A hood has several of the following properties:
- it is economically depressed
- it has seen a huge population loss
- there is a lack of investment and development
- there is blight, boarded up homes, commercial buildings, or factories, with empty lots in between
- the homes and buildings still standing are in a state of disrepair and suffer from neglect
- the streets and infrastructure are poorly developed/maintained, the grass is not cut
- abandoned homes and buildings will get stripped
- there is litter and furniture in the streets that nobody cares about
- the overall atmosphere is depressing
- there are people hanging out in the streets 24/7
- crimes rates, and especially violent crime rates, are very high
Cairo meets several of the above criteria but has much less violent crime than other cities like East St. Louis. Both have their place in a topic like this but have different properties that makes them bad places so it is hard to compare them directly.
I found Cairo to be more run down on streetview but East. St. Louis is much more dangerous crime wise so I am not sure which one is worst. It would be East St. Louis probably because crime is worse than a few more boarded up homes and stores.
I live near Trenton, NJ and have passed through Baltimore and Gary, IN several times.

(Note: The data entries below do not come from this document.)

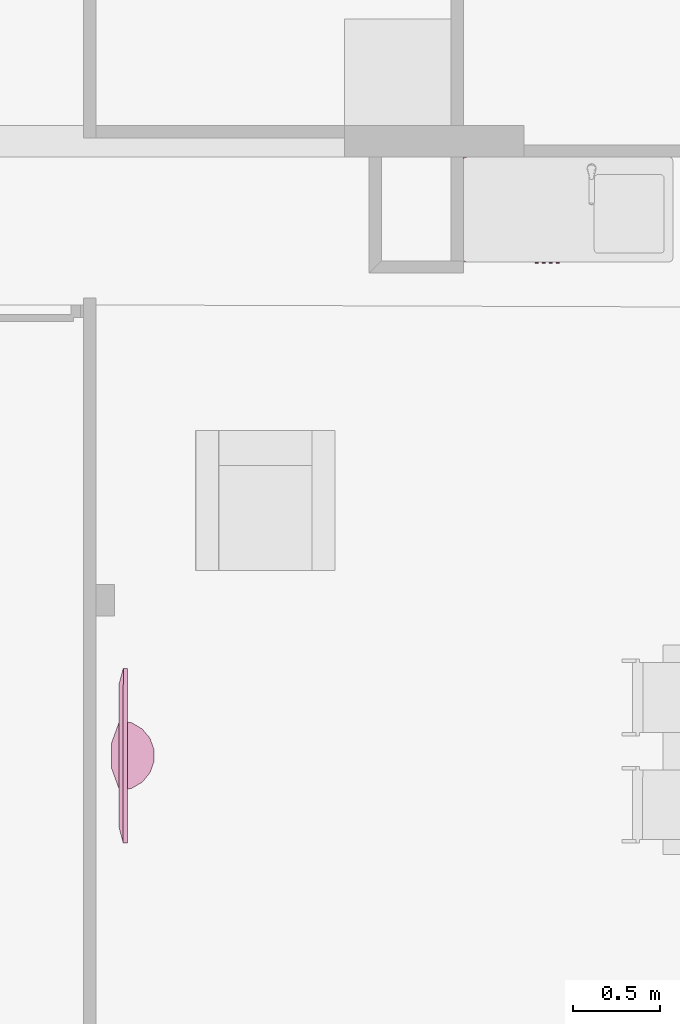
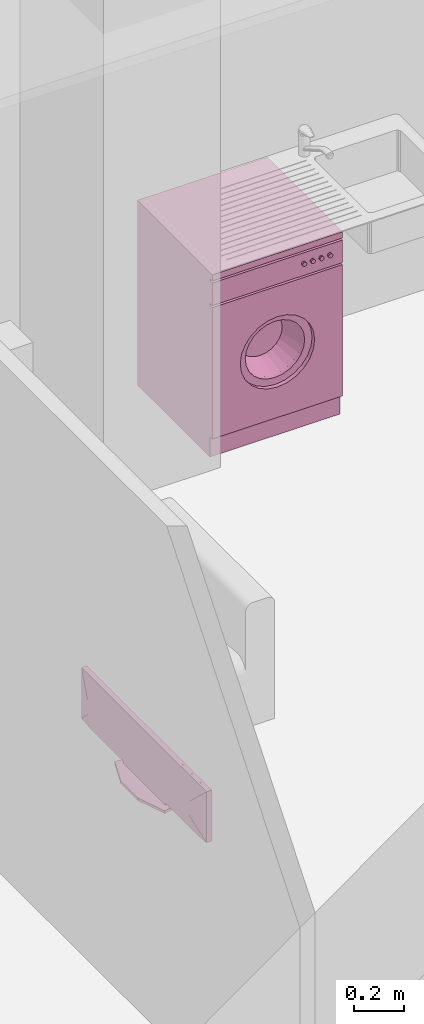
# One storey, part 117 of 164: 2 furnishings.
"""IFC2X3 building model written with IfcOpenShell, lengths in millimetres."""

from ifc_helpers import new_model, entity, si_unit, converted_unit, derived_unit, money_unit, direction, frame, origin_with_axes, place, context, subcontext, project, spatial, open_shell, faceted_brep, surface_model, source, transform, mapped, type_object, element, save


model = new_model("IFC2X3")

# Units and contexts
model_context = context("Model", 3, precision=0.01, world=origin_with_axes(), true_north=direction((0.0, 1.0)))
body_context = subcontext(model_context, "Body", "Model", "MODEL_VIEW")
ifc_project = project(units=[si_unit("LENGTHUNIT", "METRE", prefix="MILLI"), si_unit("AREAUNIT", "SQUARE_METRE"), si_unit("VOLUMEUNIT", "CUBIC_METRE"), converted_unit("PLANEANGLEUNIT", "DEGREE", entity("IfcPlaneAngleMeasure", 0.0174532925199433), si_unit("PLANEANGLEUNIT", "RADIAN"), dimensions=[0, 0, 0, 0, 0, 0, 0]), money_unit("USD"), converted_unit("TIMEUNIT", "Year", entity("IfcTimeMeasure", 31557600.0), si_unit("TIMEUNIT", "SECOND"), dimensions=[0, 0, 1, 0, 0, 0, 0]), si_unit("MASSUNIT", "GRAM", prefix="KILO"), si_unit("THERMODYNAMICTEMPERATUREUNIT", "DEGREE_CELSIUS"), si_unit("LUMINOUSINTENSITYUNIT", "LUMEN"), si_unit("ENERGYUNIT", "JOULE", prefix="MEGA"), derived_unit("THERMALCONDUCTANCEUNIT", [(si_unit("POWERUNIT", "WATT"), 1), (si_unit("LENGTHUNIT", "METRE"), -1), (si_unit("THERMODYNAMICTEMPERATUREUNIT", "KELVIN"), -1)]), derived_unit("SPECIFICHEATCAPACITYUNIT", [(si_unit("ENERGYUNIT", "JOULE"), 1), (si_unit("MASSUNIT", "GRAM", prefix="KILO"), -1), (si_unit("THERMODYNAMICTEMPERATUREUNIT", "KELVIN"), -1)]), derived_unit("MASSDENSITYUNIT", [(si_unit("MASSUNIT", "GRAM", prefix="KILO"), 1), (si_unit("VOLUMEUNIT", "CUBIC_METRE"), -1)])], contexts=[model_context])

# Site, building, storey
site_placement = place(None, origin_with_axes())
site = spatial("IfcSite", under=ifc_project, at=site_placement, Name="Site", CompositionType="ELEMENT")
building_placement = place(site_placement, origin_with_axes())
building = spatial("IfcBuilding", under=site, at=building_placement, Name="Bâtiment", CompositionType="ELEMENT")
storey_placement = place(building_placement, frame((0.0, 0.0, 5750.0), z_axis=(0.0, 0.0, 1.0), x_axis=(1.0, 0.0, 0.0)))
storey = spatial("IfcBuildingStorey", under=building, at=storey_placement, Name="Etage1", CompositionType="ELEMENT", Elevation=5750.0)

# Furnishings
furnishing_element_type_1 = type_object("IfcFurnishingElementType", Name="Machine à laver")
shared_shape_1 = source(origin_with_axes(), body_context, "Body", "SurfaceModel", [
    faceted_brep([(0.0, 20.0, 100.0), (0.0, 0.0, 100.0), (-600.0, 0.0, 100.0), (-600.0, 20.0, 100.0), (0.0, 20.00000000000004, 740.0), (0.0, 0.0, 740.0), (-600.0, 0.0, 740.0), (-471.4285714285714, 0.0, 420.0000000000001), (-465.5872845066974, 0.0, 464.3689791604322), (-448.4614977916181, 0.0, 505.7142857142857), (-421.2183053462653, 0.0, 541.2183053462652), (-385.7142857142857, 0.0, 568.4614977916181), (-344.3689791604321, 0.0, 585.5872845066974), (-300.0000000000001, 0.0, 591.4285714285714), (-255.6310208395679, 0.0, 585.5872845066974), (-214.2857142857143, 0.0, 568.4614977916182), (-178.7816946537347, 0.0, 541.2183053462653), (-151.5385022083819, 0.0, 505.7142857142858), (-134.4127154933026, 0.0, 464.3689791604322), (-128.5714285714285, 0.0, 420.0000000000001), (-134.4127154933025, 0.0, 375.6310208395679), (-151.5385022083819, 0.0, 334.2857142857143), (-178.7816946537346, 0.0, 298.7816946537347), (-214.2857142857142, 0.0, 271.5385022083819), (-255.6310208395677, 0.0, 254.4127154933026), (-299.9999999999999, 0.0, 248.5714285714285), (-344.368979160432, 0.0, 254.4127154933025), (-385.7142857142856, 0.0, 271.5385022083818), (-421.2183053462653, 0.0, 298.7816946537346), (-448.4614977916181, 0.0, 334.2857142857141), (-465.5872845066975, 0.0, 375.6310208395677), (-600.0, 20.00000000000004, 740.0), (-471.4285714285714, 20.00000000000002, 420.0000000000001), (-465.5872845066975, 20.00000000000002, 375.6310208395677), (-448.4614977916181, 20.00000000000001, 334.2857142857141), (-421.2183053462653, 20.00000000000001, 298.7816946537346), (-385.7142857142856, 20.00000000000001, 271.5385022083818), (-344.368979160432, 20.00000000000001, 254.4127154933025), (-299.9999999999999, 20.00000000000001, 248.5714285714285), (-255.6310208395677, 20.00000000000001, 254.4127154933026), (-214.2857142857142, 20.00000000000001, 271.5385022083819), (-178.7816946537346, 20.00000000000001, 298.7816946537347), (-151.5385022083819, 20.00000000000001, 334.2857142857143), (-134.4127154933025, 20.00000000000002, 375.6310208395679), (-128.5714285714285, 20.00000000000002, 420.0000000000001), (-134.4127154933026, 20.00000000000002, 464.3689791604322), (-151.5385022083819, 20.00000000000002, 505.7142857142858), (-178.7816946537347, 20.00000000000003, 541.2183053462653), (-214.2857142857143, 20.00000000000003, 568.4614977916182), (-255.6310208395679, 20.00000000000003, 585.5872845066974), (-300.0000000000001, 20.00000000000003, 591.4285714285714), (-344.3689791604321, 20.00000000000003, 585.5872845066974), (-385.7142857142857, 20.00000000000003, 568.4614977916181), (-421.2183053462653, 20.00000000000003, 541.2183053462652), (-448.4614977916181, 20.00000000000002, 505.7142857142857), (-465.5872845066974, 20.00000000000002, 464.3689791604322)], [[[0, 1, 2, 3]], [[4, 5, 1, 0]], [[1, 5, 6, 2], [7, 8, 9, 10, 11, 12, 13, 14, 15, 16, 17, 18, 19, 20, 21, 22, 23, 24, 25, 26, 27, 28, 29, 30]], [[3, 2, 6, 31]], [[0, 3, 31, 4], [32, 33, 34, 35, 36, 37, 38, 39, 40, 41, 42, 43, 44, 45, 46, 47, 48, 49, 50, 51, 52, 53, 54, 55]], [[31, 6, 5, 4]], [[55, 8, 7, 32]], [[54, 9, 8, 55]], [[53, 10, 9, 54]], [[52, 11, 10, 53]], [[51, 12, 11, 52]], [[50, 13, 12, 51]], [[49, 14, 13, 50]], [[48, 15, 14, 49]], [[47, 16, 15, 48]], [[46, 17, 16, 47]], [[45, 18, 17, 46]], [[44, 19, 18, 45]], [[43, 20, 19, 44]], [[42, 21, 20, 43]], [[41, 22, 21, 42]], [[40, 23, 22, 41]], [[39, 24, 23, 40]], [[38, 25, 24, 39]], [[37, 26, 25, 38]], [[36, 27, 26, 37]], [[35, 28, 27, 36]], [[34, 29, 28, 35]], [[33, 30, 29, 34]], [[32, 7, 30, 33]]]),
    faceted_brep([(-471.4285714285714, 40.00000000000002, 420.0000000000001), (-471.4285714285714, 20.00000000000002, 420.0000000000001), (-465.5872845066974, 20.00000000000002, 464.3689791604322), (-465.5872845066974, 40.00000000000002, 464.3689791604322), (-465.5872845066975, 40.00000000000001, 375.6310208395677), (-465.5872845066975, 20.00000000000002, 375.6310208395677), (-448.4614977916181, 20.00000000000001, 334.2857142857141), (-421.2183053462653, 20.00000000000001, 298.7816946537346), (-385.7142857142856, 20.00000000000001, 271.5385022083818), (-344.368979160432, 20.00000000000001, 254.4127154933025), (-299.9999999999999, 20.00000000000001, 248.5714285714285), (-255.6310208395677, 20.00000000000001, 254.4127154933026), (-214.2857142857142, 20.00000000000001, 271.5385022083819), (-178.7816946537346, 20.00000000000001, 298.7816946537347), (-151.5385022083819, 20.00000000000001, 334.2857142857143), (-134.4127154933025, 20.00000000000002, 375.6310208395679), (-128.5714285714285, 20.00000000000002, 420.0000000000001), (-134.4127154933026, 20.00000000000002, 464.3689791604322), (-151.5385022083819, 20.00000000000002, 505.7142857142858), (-178.7816946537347, 20.00000000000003, 541.2183053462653), (-214.2857142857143, 20.00000000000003, 568.4614977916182), (-255.6310208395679, 20.00000000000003, 585.5872845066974), (-300.0000000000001, 20.00000000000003, 591.4285714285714), (-344.3689791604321, 20.00000000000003, 585.5872845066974), (-385.7142857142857, 20.00000000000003, 568.4614977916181), (-421.2183053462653, 20.00000000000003, 541.2183053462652), (-448.4614977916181, 20.00000000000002, 505.7142857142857), (-437.1428571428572, 20.00000000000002, 420.0000000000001), (-432.469827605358, 20.00000000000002, 455.4951833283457), (-418.7691982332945, 20.00000000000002, 488.5714285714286), (-396.9746442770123, 20.00000000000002, 516.9746442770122), (-368.5714285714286, 20.00000000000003, 538.7691982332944), (-335.4951833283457, 20.00000000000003, 552.469827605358), (-300.0000000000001, 20.00000000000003, 557.1428571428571), (-264.5048166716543, 20.00000000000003, 552.469827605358), (-231.4285714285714, 20.00000000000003, 538.7691982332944), (-203.0253557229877, 20.00000000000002, 516.9746442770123), (-181.2308017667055, 20.00000000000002, 488.5714285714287), (-167.530172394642, 20.00000000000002, 455.4951833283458), (-162.8571428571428, 20.00000000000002, 420.0000000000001), (-167.530172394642, 20.00000000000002, 384.5048166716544), (-181.2308017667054, 20.00000000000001, 351.4285714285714), (-203.0253557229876, 20.00000000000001, 323.0253557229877), (-231.4285714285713, 20.00000000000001, 301.2308017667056), (-264.5048166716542, 20.00000000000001, 287.530172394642), (-299.9999999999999, 20.00000000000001, 282.8571428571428), (-335.4951833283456, 20.00000000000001, 287.530172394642), (-368.5714285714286, 20.00000000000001, 301.2308017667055), (-396.9746442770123, 20.00000000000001, 323.0253557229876), (-418.7691982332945, 20.00000000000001, 351.4285714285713), (-432.469827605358, 20.00000000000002, 384.5048166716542), (-448.4614977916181, 40.00000000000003, 505.7142857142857), (-421.2183053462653, 40.00000000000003, 541.2183053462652), (-385.7142857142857, 40.00000000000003, 568.4614977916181), (-344.3689791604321, 40.00000000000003, 585.5872845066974), (-300.0000000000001, 40.00000000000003, 591.4285714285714), (-255.6310208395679, 40.00000000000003, 585.5872845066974), (-214.2857142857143, 40.00000000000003, 568.4614977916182), (-178.7816946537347, 40.00000000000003, 541.2183053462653), (-151.5385022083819, 40.00000000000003, 505.7142857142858), (-134.4127154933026, 40.00000000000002, 464.3689791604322), (-128.5714285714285, 40.00000000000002, 420.0000000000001), (-134.4127154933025, 40.00000000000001, 375.6310208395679), (-151.5385022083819, 40.00000000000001, 334.2857142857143), (-178.7816946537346, 40.00000000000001, 298.7816946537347), (-214.2857142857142, 40.00000000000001, 271.5385022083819), (-255.6310208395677, 40.00000000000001, 254.4127154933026), (-299.9999999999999, 40.00000000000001, 248.5714285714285), (-344.368979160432, 40.00000000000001, 254.4127154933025), (-385.7142857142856, 40.00000000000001, 271.5385022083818), (-421.2183053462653, 40.00000000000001, 298.7816946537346), (-448.4614977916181, 40.00000000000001, 334.2857142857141), (-437.1428571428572, 40.00000000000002, 420.0000000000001), (-432.469827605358, 40.00000000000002, 384.5048166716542), (-418.7691982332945, 40.00000000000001, 351.4285714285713), (-396.9746442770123, 40.00000000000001, 323.0253557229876), (-368.5714285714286, 40.00000000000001, 301.2308017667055), (-335.4951833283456, 40.00000000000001, 287.530172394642), (-299.9999999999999, 40.00000000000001, 282.8571428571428), (-264.5048166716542, 40.00000000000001, 287.530172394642), (-231.4285714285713, 40.00000000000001, 301.2308017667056), (-203.0253557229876, 40.00000000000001, 323.0253557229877), (-181.2308017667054, 40.00000000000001, 351.4285714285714), (-167.530172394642, 40.00000000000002, 384.5048166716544), (-162.8571428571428, 40.00000000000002, 420.0000000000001), (-167.530172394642, 40.00000000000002, 455.4951833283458), (-181.2308017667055, 40.00000000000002, 488.5714285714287), (-203.0253557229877, 40.00000000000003, 516.9746442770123), (-231.4285714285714, 40.00000000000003, 538.7691982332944), (-264.5048166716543, 40.00000000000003, 552.469827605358), (-300.0000000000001, 40.00000000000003, 557.1428571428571), (-335.4951833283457, 40.00000000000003, 552.469827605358), (-368.5714285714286, 40.00000000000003, 538.7691982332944), (-396.9746442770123, 40.00000000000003, 516.9746442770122), (-418.7691982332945, 40.00000000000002, 488.5714285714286), (-432.469827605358, 40.00000000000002, 455.4951833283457)], [[[0, 1, 2, 3]], [[4, 5, 1, 0]], [[1, 5, 6, 7, 8, 9, 10, 11, 12, 13, 14, 15, 16, 17, 18, 19, 20, 21, 22, 23, 24, 25, 26, 2], [27, 28, 29, 30, 31, 32, 33, 34, 35, 36, 37, 38, 39, 40, 41, 42, 43, 44, 45, 46, 47, 48, 49, 50]], [[3, 2, 26, 51]], [[0, 3, 51, 52, 53, 54, 55, 56, 57, 58, 59, 60, 61, 62, 63, 64, 65, 66, 67, 68, 69, 70, 71, 4], [72, 73, 74, 75, 76, 77, 78, 79, 80, 81, 82, 83, 84, 85, 86, 87, 88, 89, 90, 91, 92, 93, 94, 95]], [[71, 6, 5, 4]], [[70, 7, 6, 71]], [[69, 8, 7, 70]], [[68, 9, 8, 69]], [[67, 10, 9, 68]], [[66, 11, 10, 67]], [[65, 12, 11, 66]], [[64, 13, 12, 65]], [[63, 14, 13, 64]], [[62, 15, 14, 63]], [[61, 16, 15, 62]], [[60, 17, 16, 61]], [[59, 18, 17, 60]], [[58, 19, 18, 59]], [[57, 20, 19, 58]], [[56, 21, 20, 57]], [[55, 22, 21, 56]], [[54, 23, 22, 55]], [[53, 24, 23, 54]], [[52, 25, 24, 53]], [[51, 26, 25, 52]], [[95, 28, 27, 72]], [[94, 29, 28, 95]], [[93, 30, 29, 94]], [[92, 31, 30, 93]], [[91, 32, 31, 92]], [[90, 33, 32, 91]], [[89, 34, 33, 90]], [[88, 35, 34, 89]], [[87, 36, 35, 88]], [[86, 37, 36, 87]], [[85, 38, 37, 86]], [[84, 39, 38, 85]], [[83, 40, 39, 84]], [[82, 41, 40, 83]], [[81, 42, 41, 82]], [[80, 43, 42, 81]], [[79, 44, 43, 80]], [[78, 45, 44, 79]], [[77, 46, 45, 78]], [[76, 47, 46, 77]], [[75, 48, 47, 76]], [[74, 49, 48, 75]], [[73, 50, 49, 74]], [[72, 27, 50, 73]]]),
    surface_model("IfcShellBasedSurfaceModel", [(-264.5048166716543, 39.99999999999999, 552.469827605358), (-273.3786125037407, 140.0, 519.3523707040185), (-300.0, 140.0, 522.8571428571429), (-300.0, 39.99999999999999, 557.1428571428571), (-231.4285714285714, 39.99999999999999, 538.7691982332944), (-248.5714285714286, 140.0, 509.0768986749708), (-227.2690167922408, 140.0, 492.7309832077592), (-210.9231013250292, 140.0, 471.4285714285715), (-200.6476292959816, 140.0, 446.6213874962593), (-197.1428571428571, 140.0, 420.0000000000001), (-200.6476292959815, 140.0, 393.3786125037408), (-210.9231013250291, 140.0, 368.5714285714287), (-227.2690167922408, 140.0, 347.2690167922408), (-248.5714285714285, 140.0, 330.9231013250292), (-273.3786125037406, 140.0, 320.6476292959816), (-299.9999999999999, 140.0, 317.1428571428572), (-326.6213874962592, 140.0, 320.6476292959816), (-351.4285714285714, 140.0, 330.9231013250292), (-372.7309832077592, 140.0, 347.2690167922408), (-389.0768986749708, 140.0, 368.5714285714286), (-399.3523707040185, 140.0, 393.3786125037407), (-402.8571428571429, 140.0, 420.0), (-399.3523707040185, 140.0, 446.6213874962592), (-389.0768986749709, 140.0, 471.4285714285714), (-372.7309832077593, 140.0, 492.7309832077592), (-351.4285714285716, 140.0, 509.0768986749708), (-326.6213874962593, 140.0, 519.3523707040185), (-335.4951833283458, 39.99999999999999, 552.469827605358), (-203.0253557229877, 39.99999999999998, 516.9746442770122), (-181.2308017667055, 39.99999999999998, 488.5714285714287), (-167.5301723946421, 39.99999999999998, 455.4951833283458), (-162.8571428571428, 39.99999999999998, 420.0000000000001), (-167.530172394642, 39.99999999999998, 384.5048166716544), (-181.2308017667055, 39.99999999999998, 351.4285714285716), (-203.0253557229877, 39.99999999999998, 323.0253557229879), (-231.4285714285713, 39.99999999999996, 301.2308017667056), (-264.5048166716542, 39.99999999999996, 287.5301723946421), (-299.9999999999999, 39.99999999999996, 282.8571428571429), (-335.4951833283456, 39.99999999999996, 287.5301723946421), (-368.5714285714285, 39.99999999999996, 301.2308017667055), (-396.9746442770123, 39.99999999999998, 323.0253557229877), (-418.7691982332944, 39.99999999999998, 351.4285714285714), (-432.469827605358, 39.99999999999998, 384.5048166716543), (-437.1428571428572, 39.99999999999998, 419.9999999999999), (-432.469827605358, 39.99999999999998, 455.4951833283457), (-418.7691982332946, 39.99999999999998, 488.5714285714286), (-396.9746442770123, 39.99999999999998, 516.9746442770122), (-368.5714285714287, 39.99999999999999, 538.7691982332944)], [open_shell([[[0, 1, 2, 3]], [[4, 5, 1, 0]], [[2, 1, 5, 6, 7, 8, 9, 10, 11, 12, 13, 14, 15, 16, 17, 18, 19, 20, 21, 22, 23, 24, 25, 26]], [[3, 2, 26, 27]], [[28, 6, 5, 4]], [[29, 7, 6, 28]], [[30, 8, 7, 29]], [[31, 9, 8, 30]], [[32, 10, 9, 31]], [[33, 11, 10, 32]], [[34, 12, 11, 33]], [[35, 13, 12, 34]], [[36, 14, 13, 35]], [[37, 15, 14, 36]], [[38, 16, 15, 37]], [[39, 17, 16, 38]], [[40, 18, 17, 39]], [[41, 19, 18, 40]], [[42, 20, 19, 41]], [[43, 21, 20, 42]], [[44, 22, 21, 43]], [[45, 23, 22, 44]], [[46, 24, 23, 45]], [[47, 25, 24, 46]], [[27, 26, 25, 47]]])]),
    surface_model("IfcShellBasedSurfaceModel", [(0.0, 20.0, 100.0), (0.0, 600.0, 99.99999999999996), (0.0, 600.0, 870.0), (0.0, 20.00000000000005, 870.0)], [open_shell([[[0, 1, 2, 3]]])]),
    surface_model("IfcShellBasedSurfaceModel", [(-600.0, 19.99999999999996, 100.0), (-600.0, 599.9999999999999, 99.99999999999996), (-600.0, 599.9999999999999, 870.0), (-600.0, 20.00000000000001, 870.0)], [open_shell([[[0, 1, 2, 3]]])]),
    surface_model("IfcShellBasedSurfaceModel", [(0.0, 600.0, 100.0), (-600.0, 600.0, 100.0), (-600.0, 600.0, 870.0), (0.0, 600.0, 870.0)], [open_shell([[[0, 1, 2, 3]]])]),
    faceted_brep([(0.0, 20.0, 0.0), (0.0, 20.0, 100.0), (-600.0, 20.0, 100.0), (-600.0, 20.0, 0.0), (0.0, 600.0, 0.0), (0.0, 600.0, 100.0), (-600.0, 600.0, 100.0), (-600.0, 600.0, 0.0)], [[[0, 1, 2, 3]], [[4, 5, 1, 0]], [[1, 5, 6, 2]], [[3, 2, 6, 7]], [[0, 3, 7, 4]], [[7, 6, 5, 4]]]),
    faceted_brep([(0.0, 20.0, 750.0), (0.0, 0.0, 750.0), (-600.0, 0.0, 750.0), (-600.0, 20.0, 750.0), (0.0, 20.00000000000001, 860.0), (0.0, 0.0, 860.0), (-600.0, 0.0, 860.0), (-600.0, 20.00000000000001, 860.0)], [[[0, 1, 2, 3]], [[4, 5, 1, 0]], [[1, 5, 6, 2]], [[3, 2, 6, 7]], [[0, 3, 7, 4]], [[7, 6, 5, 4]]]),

Surprisingly, Trenton has some relatively nice areas such as its Polish and government areas. While Baltimore can be frightening, I think Gary is by far the worst. In Trenton and Baltimore, you're at least in cities where you have a chance to escape. Gary feels like an isolated trap. It also smells terrible.
Is there really no upward mobility possible for the hard working, ambitious residents of Gary, IN? Chicago is near and should provide opportunities. Just make sure you don't end up in the West or South side, that would be more like sideways mobility.
Michael Jackson originated from Gary and made it really big. A textbook example of the American Dream.
Is there really no upward mobility possible for the hard working, ambitious residents of Gary, IN? Chicago is near and should provide opportunities. Just make sure you don't end up in the West or South side, that would be more like sideways mobility.
Michael Jackson originated from Gary and made it really big. A textbook example of the American Dream.
Well I think thats the thing. A lot of people fro gary just end up in the South Side.